Luckily, it is pretty easy to do it with opentelemetry Context Propagation. All we need to do is save the context on one system, and then send it along with the primary job payload to the next component that will continue the processing. Code-wise, the required changes look like the following:

publisher side:

carrier = {}
TraceContextTextMapPropagator().inject(carrier)

consumer side (i.e. worker that needs to ‘continue’ the tracing to the same trace session):

ctx = TraceContextTextMapPropagator().extract(carrier=carrier)
with tracer.start_as_current_span(name="span-name", context=ctx) as span:
		do-work()

Here, the carrier is a dictionary containing a single string, which can be easily appended to the message that is sent through the pipeline to downstream architecture components.

Visualizing collected tracing data

After running ITuna code for a few minutes and generating some events, it is time to navigate to the Jaeger UI and review collected data!

When searching for the most recent traces collected in the last few minutes, we get a view showing tracing events on the timeline:

(As the events happening during ITuna execution are driven by timers, there is no surprise seeing the pattern in the view above).

Clicking on any of the dots opens a new view, showing all individual traces that occurred in the same context:

The information shown on the screenshot shows that the processing of this particular order started in the onsite ordering system and took a little over 2.5 seconds. After that, the job was processed by the order validation task, with three subtasks and their individual times reported accordingly, before finally finishing in the kitchen service task.
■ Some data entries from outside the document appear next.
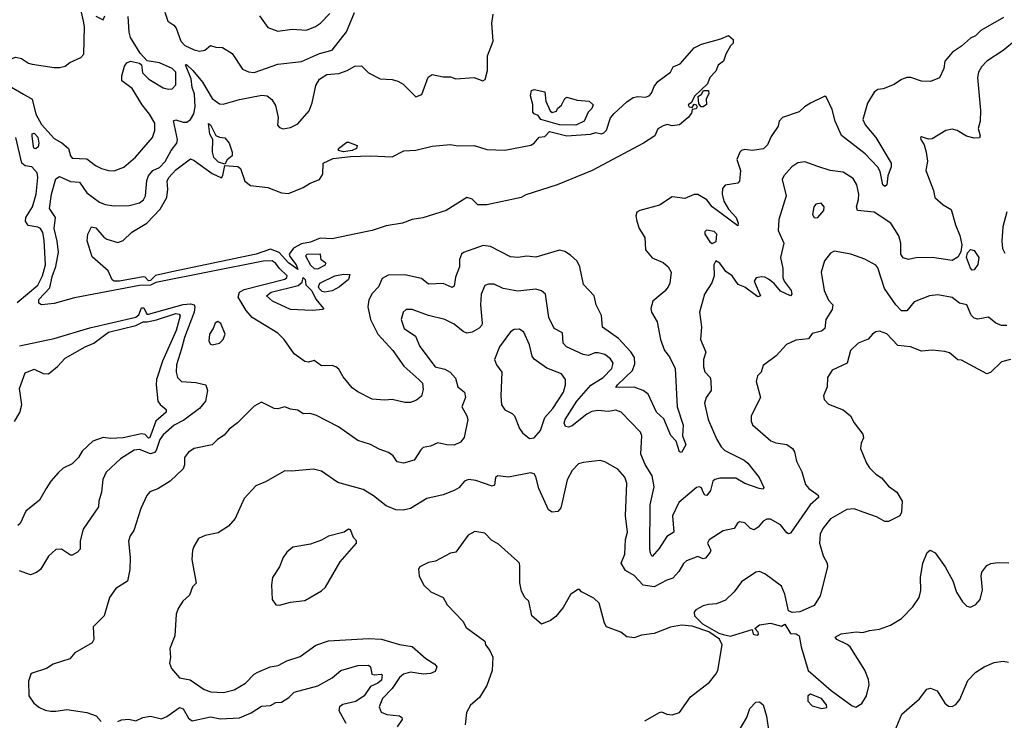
# Model space of a CAD drawing. Extents: x 1552294 to 1694791, y 811929 to 917222.
# Tile 419 of 643: x 1654996 to 1660411, y 843250 to 847104. Entities that reach past the tile are written whole.
import ezdxf

# ---------------------------------------------------------------- set-up
doc = ezdxf.new("R2010")
doc.units = 0

msp = doc.modelspace()

# ---------------------------------------------------------------- linework, layer by layer
at = {"layer": '0CON10XD'}
for points in [[(1654673.2, 847115), (1654685, 847096.7), (1654734.6, 847094.6), (1654755, 847075.7), (1654772.3, 847035), (1654767.2, 846945), (1654773.4, 846925), (1654805, 846892.9), (1654865, 846867.1), (1654895, 846869.6), (1654975, 846896.8), (1655005, 846890.4), (1655045, 846864.4), (1655065, 846858.9), (1655185, 846840), (1655215, 846840), (1655245, 846848.2), (1655271.2, 846868.8), (1655331.8, 846895), (1655349.4, 846915), (1655352, 847065), (1655345.9, 847095.9), (1655335.7, 847144.3)], [(1655794.1, 847145), (1655810, 847095), (1655843.3, 847073.3), (1655856.5, 847056.5), (1655882.9, 846985), (1655905, 846961.2), (1655955, 846937.8), (1655985, 846930.8), (1656013.7, 846936.3), (1656045, 846961.6), (1656075, 846952), (1656110.4, 846950.4), (1656165, 846917.8), (1656221.9, 846831.9), (1656255, 846816.9), (1656285, 846813.8), (1656415, 846858.9), (1656545, 846874.6), (1656645, 846918.2), (1656715, 846936.7), (1656792.8, 847037.2), (1656837.1, 847142.9)], [(1658635, 844723.3), (1658625, 844727.5), (1658605.6, 844785.6), (1658576.3, 844816.4), (1658538.4, 844908.4), (1658498.1, 844945), (1658452.5, 845045), (1658425, 845063.8), (1658375, 845082.9), (1658275, 845080), (1658283.5, 845095), (1658365.9, 845175), (1658379.4, 845210.6), (1658376.8, 845245), (1658357.8, 845277.8), (1658290, 845350), (1658201.8, 845411.8), (1658195, 845476.7), (1658165.6, 845535), (1658155.8, 845585), (1658097.1, 845647.1), (1658075.8, 845744.2), (1658061.9, 845775), (1658025, 845809.4), (1657995, 845828.1), (1657965.5, 845835.5), (1657835, 845798.2), (1657785, 845803.3), (1657735, 845796.4), (1657695, 845799.5), (1657585.5, 845855.5), (1657545, 845862.1), (1657436.2, 845823.8), (1657426.1, 845813.9), (1657414.6, 845785), (1657414.5, 845745), (1657391.9, 845688.1), (1657385, 845637.5), (1657375, 845630), (1657325, 845653.5), (1657245, 845649.5), (1657205, 845680), (1657115, 845699.6), (1657022, 845698), (1656990, 845680), (1656968.6, 845635), (1656935, 845598.6), (1656916.7, 845563.3), (1656911.5, 845525), (1656925.3, 845455), (1656966.1, 845375), (1657047.9, 845285), (1657108.8, 845198.8), (1657191.4, 845125), (1657211.4, 845105), (1657215, 845070), (1657205, 845033.3), (1657178.7, 845011.3), (1657145, 844999.2), (1657115, 844997.5), (1657045, 845014.3), (1657005, 845011.2), (1656935, 845017.5), (1656855, 845057.5), (1656825, 845079.2), (1656775, 845140), (1656751.3, 845181.3), (1656735, 845194.3), (1656715, 845202.2), (1656655, 845200.6), (1656615, 845229.2), (1656585, 845220), (1656565, 845224.5), (1656505, 845266.8), (1656451.1, 845345), (1656415, 845380.4), (1656275, 845465.9), (1656242.2, 845505), (1656197.8, 845577.8), (1656205.2, 845604.8), (1656230.7, 845619.3), (1656455, 845677.5), (1656465.3, 845685), (1656466.3, 845695), (1656425.1, 845735.1), (1656405, 845763.3), (1656385, 845778.1), (1656335, 845775.2), (1655745, 845659.1), (1655715, 845642.8), (1655655, 845641), (1655296.7, 845573.3), (1655185, 845542), (1655115, 845534.8), (1655101.9, 845545), (1655101.6, 845565), (1655161.5, 845628.5), (1655175, 845691.9), (1655195, 845747.1), (1655208.9, 845825), (1655202.6, 845885), (1655185.3, 845955), (1655193.2, 846015), (1655160.6, 846065), (1655170, 846145), (1655195, 846229.2), (1655215, 846240.7), (1655275, 846214), (1655325, 846209.6), (1655365, 846152.3), (1655435, 846100), (1655465, 846086.8), (1655515, 846079.1), (1655598.3, 846081.7), (1655655, 846096.2), (1655677.3, 846112.7), (1655688.2, 846135), (1655695, 846220), (1655704.4, 846245), (1655728.6, 846275), (1655765, 846291.1), (1655796.5, 846323.5), (1655828.5, 846385), (1655860, 846425), (1655863.3, 846445), (1655841.7, 846548.3), (1655855, 846552.7), (1655895, 846540.3), (1655915, 846540.9), (1655935.8, 846554.2), (1655954, 846586), (1655961, 846625), (1655956.7, 846695), (1655945, 846730), (1655939, 846779), (1655907.5, 846855), (1655913, 846857), (1655948.1, 846825), (1656000.4, 846760.4), (1656055, 846670.6), (1656095, 846641.8), (1656115, 846640), (1656205.3, 846665.3), (1656328.3, 846688.3), (1656356.2, 846685), (1656382, 846665), (1656402.1, 846632.1), (1656417.1, 846565), (1656414.4, 846524.4), (1656425, 846511.2), (1656445, 846504), (1656485, 846510), (1656525, 846530.4), (1656587.1, 846602.9), (1656604, 846646), (1656625, 846741.4), (1656645, 846777.1), (1656685, 846802.2), (1656752, 846808), (1656796.2, 846823.8), (1656838.8, 846848.8), (1656875, 846850.6), (1656915, 846810.6), (1656978.2, 846778.2), (1657044.4, 846774.4), (1657075, 846766), (1657105, 846750), (1657175, 846680), (1657207.3, 846692.7), (1657242.3, 846787.7), (1657265, 846802), (1657325, 846788.6), (1657365, 846788.8), (1657395, 846778.8), (1657495, 846786.2), (1657543, 846767), (1657555.7, 846774.3), (1657569.2, 846825), (1657569.2, 846905), (1657599.2, 846985), (1657592.9, 847085), (1657599.5, 847135)], [(1655415, 847122.3), (1655455, 847103.8), (1655464, 847125)], [(1655705.8, 846775.8), (1655785, 846729.1), (1655815, 846721.1), (1655835, 846723.3), (1655854.4, 846745.6), (1655855.3, 846815), (1655835, 846834.5), (1655765, 846867.1), (1655696.6, 846876.6), (1655658.9, 846918.9), (1655605, 847005.8), (1655597.4, 847035), (1655591.9, 847121.9)], [(1656315.5, 847125), (1656360.9, 847060.9), (1656415, 847040), (1656495, 847051.8), (1656573.3, 847046.7), (1656623.4, 847066.6), (1656650.6, 847085), (1656702.4, 847137.6)], [(1660406.9, 847115), (1660282.5, 847045), (1660252, 847015), (1660225, 847001.5), (1660175, 846957.5), (1660125.7, 846925), (1660084.5, 846875.5), (1660079.2, 846835), (1660055, 846783.8), (1660005, 846762.9), (1659955, 846766.2), (1659897.5, 846785), (1659875, 846785.7), (1659845, 846774.2), (1659805, 846747.8), (1659745, 846724.2), (1659715, 846720), (1659695, 846705.7), (1659658.2, 846645), (1659632.5, 846555), (1659645.5, 846525), (1659705.2, 846455.2), (1659788.5, 846315), (1659789.7, 846295), (1659771.5, 846245), (1659765.4, 846194.6), (1659755, 846185.8), (1659743.9, 846195), (1659728.9, 846268.9), (1659715, 846293.3), (1659646.8, 846366.8), (1659516.7, 846466.7), (1659480.9, 846545), (1659465, 846610), (1659434.2, 846675), (1659425, 846682.9), (1659344.5, 846645), (1659311.9, 846625), (1659283.3, 846596.7), (1659191.1, 846565), (1659173.3, 846545), (1659167.3, 846517.3), (1659128.8, 846461.2), (1659108.5, 846415), (1659087.4, 846392.6), (1659024.4, 846384.4), (1658985, 846390), (1658966.7, 846385), (1658956.2, 846375), (1658940.8, 846335), (1658959.4, 846275), (1658954.3, 846215.7), (1658945, 846204.2), (1658876.6, 846193.4), (1658860.7, 846175), (1658860, 846145), (1658868.9, 846105), (1658895, 846062.2), (1658936.5, 846015), (1658947.7, 845985), (1658945, 845970), (1658803.7, 846073.7), (1658775, 846113.4), (1658725, 846141.4), (1658705, 846141.4), (1658655, 846119.4), (1658585, 846130), (1658515, 846083.1), (1658405.9, 846054.1), (1658390, 846045), (1658384.3, 846025), (1658389.4, 845995), (1658402.7, 845955), (1658433.9, 845905), (1658437.9, 845837.9), (1658474.6, 845794.6), (1658535, 845767.8), (1658562.5, 845745), (1658578.9, 845715), (1658570.8, 845655), (1658562.1, 845635), (1658545, 845610), (1658478, 845555), (1658466.7, 845515), (1658471.1, 845495), (1658501.8, 845441.8), (1658520, 845345), (1658542.1, 845285), (1658569.5, 845249.5), (1658600.8, 845185), (1658611.1, 844975), (1658645.6, 844874.4), (1658642, 844815), (1658658.8, 844765), (1658635, 844723.3)], [(1655545, 845664.9), (1655516.1, 845666.1), (1655505, 845672.9), (1655481.6, 845721.6), (1655395, 845800), (1655366.8, 845886.8), (1655370.9, 845925), (1655390.8, 845965), (1655415, 845959.1), (1655458.3, 845908.3), (1655475, 845897.1), (1655535, 845878), (1655565, 845890), (1655613.1, 845935), (1655694.2, 845985), (1655768.2, 846061.9), (1655805.7, 846125), (1655811.1, 846171.1), (1655806.9, 846215), (1655815.4, 846235), (1655855, 846278.2), (1655935, 846338), (1655955, 846329.6), (1656055, 846257.8), (1656105, 846233.8), (1656113.9, 846246.1), (1656125, 846302.5), (1656195.4, 846295.4), (1656209.4, 846285), (1656234.4, 846215), (1656265, 846192.2), (1656360.2, 846180.2), (1656435, 846151.1), (1656475, 846148.6), (1656555, 846180), (1656593.8, 846205), (1656644.6, 846225.4), (1656663.5, 846255), (1656664.2, 846315), (1656719.5, 846340.5), (1656815, 846351.4), (1656925, 846354.5), (1657045, 846349.3), (1657107.7, 846382.3), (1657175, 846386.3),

There is also a nice view showing the relationship between the tasks as a graph:

Summary

Monitoring and tracing of jobs inside distributed pipelines is an important task for ensuring a system’s health and efficient performance. While logging plays an important role in such monitoring, it does not always provide a sufficient way to identify potential bottlenecks in a complex application. As it has been shown on the ITuna example application, while integrating opentelemetry in the code does not require significant code changes, it yields a significant boost in visibility into the app’s performance.

Clearly, opentelemetry instrumentation helps to get useful insights about complex systems performance on individual component level, enabling service owners to identify areas of potential problems early and perform necessary optimization.